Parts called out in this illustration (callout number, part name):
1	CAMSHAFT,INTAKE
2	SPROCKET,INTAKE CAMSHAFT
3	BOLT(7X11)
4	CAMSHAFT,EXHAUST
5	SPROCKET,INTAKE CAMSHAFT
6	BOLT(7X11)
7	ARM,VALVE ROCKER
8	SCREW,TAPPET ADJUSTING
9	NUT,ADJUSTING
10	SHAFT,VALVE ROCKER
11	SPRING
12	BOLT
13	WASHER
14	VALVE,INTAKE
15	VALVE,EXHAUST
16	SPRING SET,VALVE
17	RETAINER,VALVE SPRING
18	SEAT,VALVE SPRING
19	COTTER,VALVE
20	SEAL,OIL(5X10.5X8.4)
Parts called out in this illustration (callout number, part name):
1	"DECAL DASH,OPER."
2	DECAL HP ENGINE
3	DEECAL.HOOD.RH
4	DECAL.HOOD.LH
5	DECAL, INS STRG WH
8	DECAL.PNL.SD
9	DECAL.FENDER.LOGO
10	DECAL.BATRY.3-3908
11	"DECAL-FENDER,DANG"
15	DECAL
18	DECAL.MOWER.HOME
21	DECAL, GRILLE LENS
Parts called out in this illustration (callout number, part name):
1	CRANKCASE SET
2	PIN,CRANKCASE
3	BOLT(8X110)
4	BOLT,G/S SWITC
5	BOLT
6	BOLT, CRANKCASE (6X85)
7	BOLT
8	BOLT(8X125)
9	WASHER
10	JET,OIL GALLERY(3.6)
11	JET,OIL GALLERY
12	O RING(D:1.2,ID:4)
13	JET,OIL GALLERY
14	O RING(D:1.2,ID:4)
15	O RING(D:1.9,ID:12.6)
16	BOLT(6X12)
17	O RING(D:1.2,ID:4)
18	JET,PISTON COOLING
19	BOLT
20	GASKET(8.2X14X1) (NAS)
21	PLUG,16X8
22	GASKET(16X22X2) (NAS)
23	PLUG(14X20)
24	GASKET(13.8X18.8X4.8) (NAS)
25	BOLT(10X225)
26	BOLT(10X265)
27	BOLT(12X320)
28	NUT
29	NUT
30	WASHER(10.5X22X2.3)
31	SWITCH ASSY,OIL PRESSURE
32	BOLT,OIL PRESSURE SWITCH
====================
[Task details]: Please go through the listing and return each line that has "DECAL" in it.

[Your response]:
1	"DECAL DASH,OPER."
2	DECAL HP ENGINE
4	DECAL.HOOD.LH
5	DECAL, INS STRG WH
8	DECAL.PNL.SD
9	DECAL.FENDER.LOGO
10	DECAL.BATRY.3-3908
11	"DECAL-FENDER,DANG"
15	DECAL
18	DECAL.MOWER.HOME
21	DECAL, GRILLE LENS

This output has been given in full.